Data entries
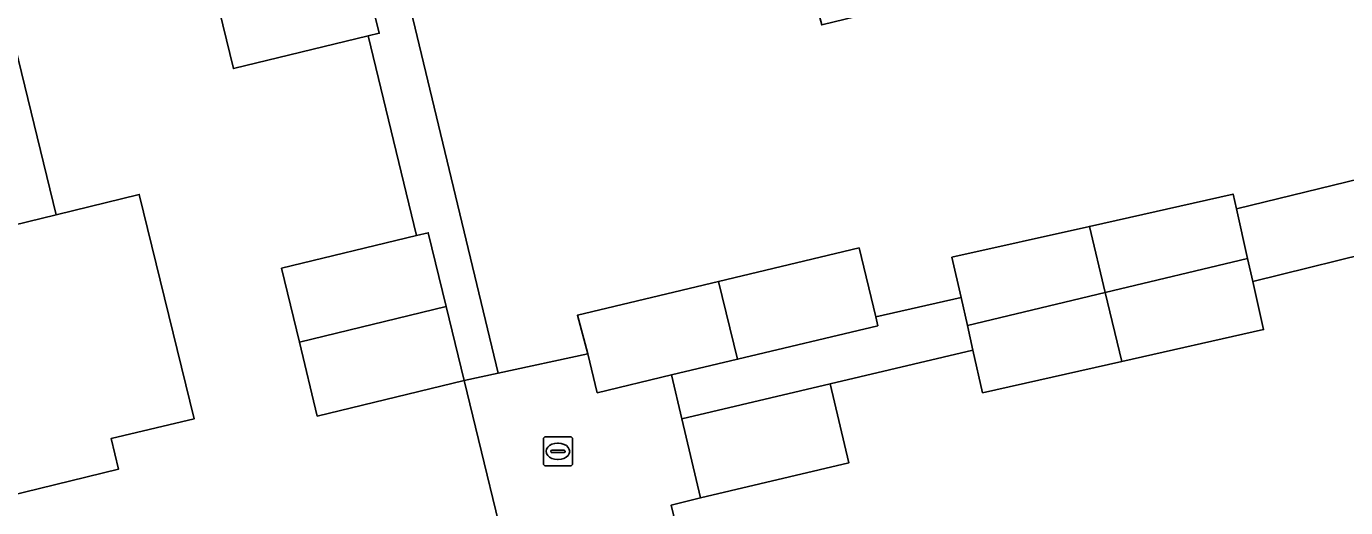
# Model space of a CAD drawing. Extents: x 158455 to 159797, y 387218 to 388672.
# Drawn here: x 159261.24 to 159306.41, y 387950.51 to 387967.01 of the extents above; entities that cross this region are included whole.
import ezdxf

# ---------------------------------------------------------------- set-up
doc = ezdxf.new("R2010")
doc.units = 0
for name, color, linetype in [('IMGEO_Erf', 7, 'Continuous'), ('IMGEO_Kolk', 7, 'Continuous'), ('IMGEO_Pand', 7, 'Continuous'), ('IMGEO_Parkeervlak_open', 7, 'Continuous'), ('IMGEO_Rijbaan_lokaal_open', 7, 'Continuous')]:
    doc.layers.add(name, color=color, linetype=linetype)

msp = doc.modelspace()

# ---------------------------------------------------------------- linework, layer by layer
at = {"layer": 'IMGEO_Erf'}
for points in [[(159277.991, 387947.573), (159276.223, 387954.863), (159271.198, 387953.648), (159270.586, 387956.181), (159269.973, 387958.716), (159274.593, 387959.833), (159272.937, 387966.681), (159268.324, 387965.56), (159267.719, 387968.052), (159267.114, 387970.543), (159270.148, 387971.28), (159268.663, 387977.429), (159244.37, 387971.561)], [(159260.198, 387968.962), (159262.257, 387960.55), (159265.104, 387961.247), (159266.986, 387953.555), (159264.136, 387952.873), (159264.391, 387951.831), (159260.039, 387950.766)]]:
    msp.add_lwpolyline(points, dxfattribs=at)
for points in [[(159312.043, 387964.753), (159313.198, 387965.03), (159310.913, 387974.253), (159305.884, 387973.008), (159306.275, 387971.409), (159301.418, 387970.223), (159297.409, 387969.244), (159288.471, 387967.061), (159287.313, 387971.381), (159283.202, 387970.377), (159274.254, 387968.192), (159277.394, 387955.118), (159280.463, 387955.785), (159280.104, 387957.104), (159284.933, 387958.26), (159289.753, 387959.415), (159290.32, 387957.048), (159293.244, 387957.708), (159292.932, 387959.092), (159297.636, 387960.152), (159302.555, 387961.261), (159302.671, 387960.749), (159307.394, 387961.908), (159306.999, 387963.516)], [(159308.039, 387959.45), (159303.232, 387958.259), (159303.602, 387956.615), (159298.746, 387955.52), (159293.979, 387954.446), (159293.651, 387955.905), (159288.758, 387954.752), (159289.396, 387952.043), (159284.321, 387950.847), (159283.316, 387950.596), (159288.491, 387929.123), (159288.83, 387927.718), (159291.187, 387926.526), (159295.066, 387927.539), (159297.73, 387931.332), (159297.133, 387933.571), (159306.551, 387935.896), (159306.7, 387935.516), (159309.017, 387933.824), (159314.584, 387935.377), (159314.796, 387935.574), (159318.745, 387937.047), (159314.641, 387954.196), (159309.647, 387952.959)]]:
    msp.add_lwpolyline(points, close=True, dxfattribs=at)
at = {"layer": 'IMGEO_Kolk'}
for p, q in [((159278.939, 387952.01), (159278.939, 387952.862)), ((159279.014, 387952.936), (159279.866, 387952.936)), ((159279.427, 387952.716), (159279.452, 387952.716)), ((159279.94, 387952.862), (159279.94, 387952.01)), ((159279.198, 387952.43), (159279.198, 387952.442)), ((159279.636, 387952.393), (159279.238, 387952.393)), ((159279.241, 387952.479), (159279.639, 387952.479)), ((159279.45, 387952.156), (159279.425, 387952.156)), ((159279.682, 387952.442), (159279.682, 387952.43)), ((159279.866, 387951.936), (159279.014, 387951.936))]:
    msp.add_line(p, q, dxfattribs=at)
for points in [[(159278.939, 387952.01), (159278.939, 387952.862)], [(159279.014, 387952.936), (159279.866, 387952.936)], [(159279.94, 387952.862), (159279.94, 387952.01)], [(159279.866, 387951.936), (159279.014, 387951.936)]]:
    msp.add_lwpolyline(points, dxfattribs=at)
for centre, radius, start, end in [((159279.016, 387952.86), 0.0765, 91.552, 178.448), ((159279.016, 387952.86), 0.0765, 91.552, 178.448), ((159279.864, 387952.86), 0.0765, 1.552, 88.448), ((159279.864, 387952.86), 0.0765, 1.552, 88.448), ((159279.238, 387952.439), 0.0403, 85.8775, 175.7526), ((159279.235, 387952.429), 0.0366, 178.938, 274.7102), ((159279.639, 387952.436), 0.043, 264.8664, 352.4533), ((159279.643, 387952.441), 0.0386, 1.7309, 96.639), ((159279.016, 387952.012), 0.0765, 181.552, 268.448), ((159279.016, 387952.012), 0.0765, 181.552, 268.448), ((159279.864, 387952.012), 0.0765, 271.552, 358.448), ((159279.864, 387952.012), 0.0765, 271.552, 358.448)]:
    msp.add_arc(centre, radius, start, end, dxfattribs=at)
for centre, major_axis, ratio, start_param, end_param in [((159279.426, 387952.436), (-0.387, 0.002), 0.722429, 4.712389, 7.853982), ((159279.451, 387952.436), (-0.39, 0.002), 0.717154, 1.570796, 4.712389)]:
    msp.add_ellipse(centre, major_axis=major_axis, ratio=ratio, start_param=start_param, end_param=end_param, dxfattribs=at)
at = {"layer": 'IMGEO_Pand'}
for points in [[(159260.069, 387969.487), (159255.562, 387968.383), (159256.711, 387963.689), (159252.368, 387962.626), (159253.406, 387958.384), (159262.257, 387960.55), (159260.198, 387968.962)], [(159272.715, 387969.264), (159267.719, 387968.052), (159268.324, 387965.56), (159272.937, 387966.681), (159273.32, 387966.774)], [(159262.257, 387960.55), (159253.406, 387958.384), (159254.445, 387954.141), (159258.788, 387955.203), (159259.883, 387950.728), (159260.039, 387950.766), (159264.391, 387951.831), (159264.136, 387952.873), (159266.986, 387953.555), (159265.104, 387961.247)], [(159302.671, 387960.749), (159302.555, 387961.261), (159297.636, 387960.152), (159298.18, 387957.882), (159303.054, 387959.049)], [(159274.998, 387959.931), (159274.593, 387959.833), (159269.973, 387958.716), (159270.586, 387956.181), (159275.61, 387957.398)], [(159297.636, 387960.152), (159292.932, 387959.092), (159293.244, 387957.708), (159293.46, 387956.752), (159298.18, 387957.882)], [(159289.753, 387959.415), (159284.933, 387958.26), (159285.588, 387955.595), (159290.392, 387956.746), (159290.32, 387957.048)], [(159303.232, 387958.259), (159303.054, 387959.049), (159298.18, 387957.882), (159298.746, 387955.52), (159303.602, 387956.615)], [(159285.588, 387955.595), (159284.933, 387958.26), (159280.104, 387957.104), (159280.463, 387955.785), (159280.784, 387954.445), (159283.331, 387955.055)], [(159298.18, 387957.882), (159293.46, 387956.752), (159293.651, 387955.905), (159293.979, 387954.446), (159298.746, 387955.52)], [(159270.586, 387956.181), (159271.198, 387953.648), (159276.223, 387954.863), (159275.61, 387957.398)], [(159284.321, 387950.847), (159289.396, 387952.043), (159288.758, 387954.752), (159283.683, 387953.556)]]:
    msp.add_lwpolyline(points, close=True, dxfattribs=at)
at = {"layer": 'IMGEO_Parkeervlak_open'}
for points in [[(159272.085, 387977.077), (159271.816, 387978.191), (159268.663, 387977.429), (159270.148, 387971.28), (159272.586, 387969.795), (159272.715, 387969.264), (159273.32, 387966.774), (159272.937, 387966.681), (159274.593, 387959.833), (159274.998, 387959.931), (159275.61, 387957.398), (159276.223, 387954.863), (159277.394, 387955.118), (159274.254, 387968.192), (159273.271, 387972.22)], [(159313.033, 387960.687), (159312.695, 387962.093), (159307.652, 387960.856), (159307.394, 387961.908), (159302.671, 387960.749), (159303.054, 387959.049), (159303.232, 387958.259), (159308.039, 387959.45)], [(159293.46, 387956.752), (159293.244, 387957.708), (159290.32, 387957.048), (159290.392, 387956.746), (159285.588, 387955.595), (159283.331, 387955.055), (159283.683, 387953.556), (159288.758, 387954.752), (159293.651, 387955.905)]]:
    msp.add_lwpolyline(points, close=True, dxfattribs=at)
at = {"layer": 'IMGEO_Rijbaan_lokaal_open'}
msp.add_lwpolyline([(159283.316, 387950.596), (159284.321, 387950.847), (159283.683, 387953.556), (159283.331, 387955.055), (159280.784, 387954.445), (159280.463, 387955.785), (159277.394, 387955.118), (159276.223, 387954.863), (159277.991, 387947.573), (159278.639, 387944.914), (159280.362, 387937.65), (159281.659, 387932.591), (159282.794, 387927.687), (159288.491, 387929.123)], close=True, dxfattribs=at)

doc.saveas('drawing.dxf')

What to do:
Show all lines from the data that contain "color".

Solution:
for name, color, linetype in [('IMGEO_Erf', 7, 'Continuous'), ('IMGEO_Kolk', 7, 'Continuous'), ('IMGEO_Pand', 7, 'Continuous'), ('IMGEO_Parkeervlak_open', 7, 'Continuous'), ('IMGEO_Rijbaan_lokaal_open', 7, 'Continuous')]:
    doc.layers.add(name, color=color, linetype=linetype)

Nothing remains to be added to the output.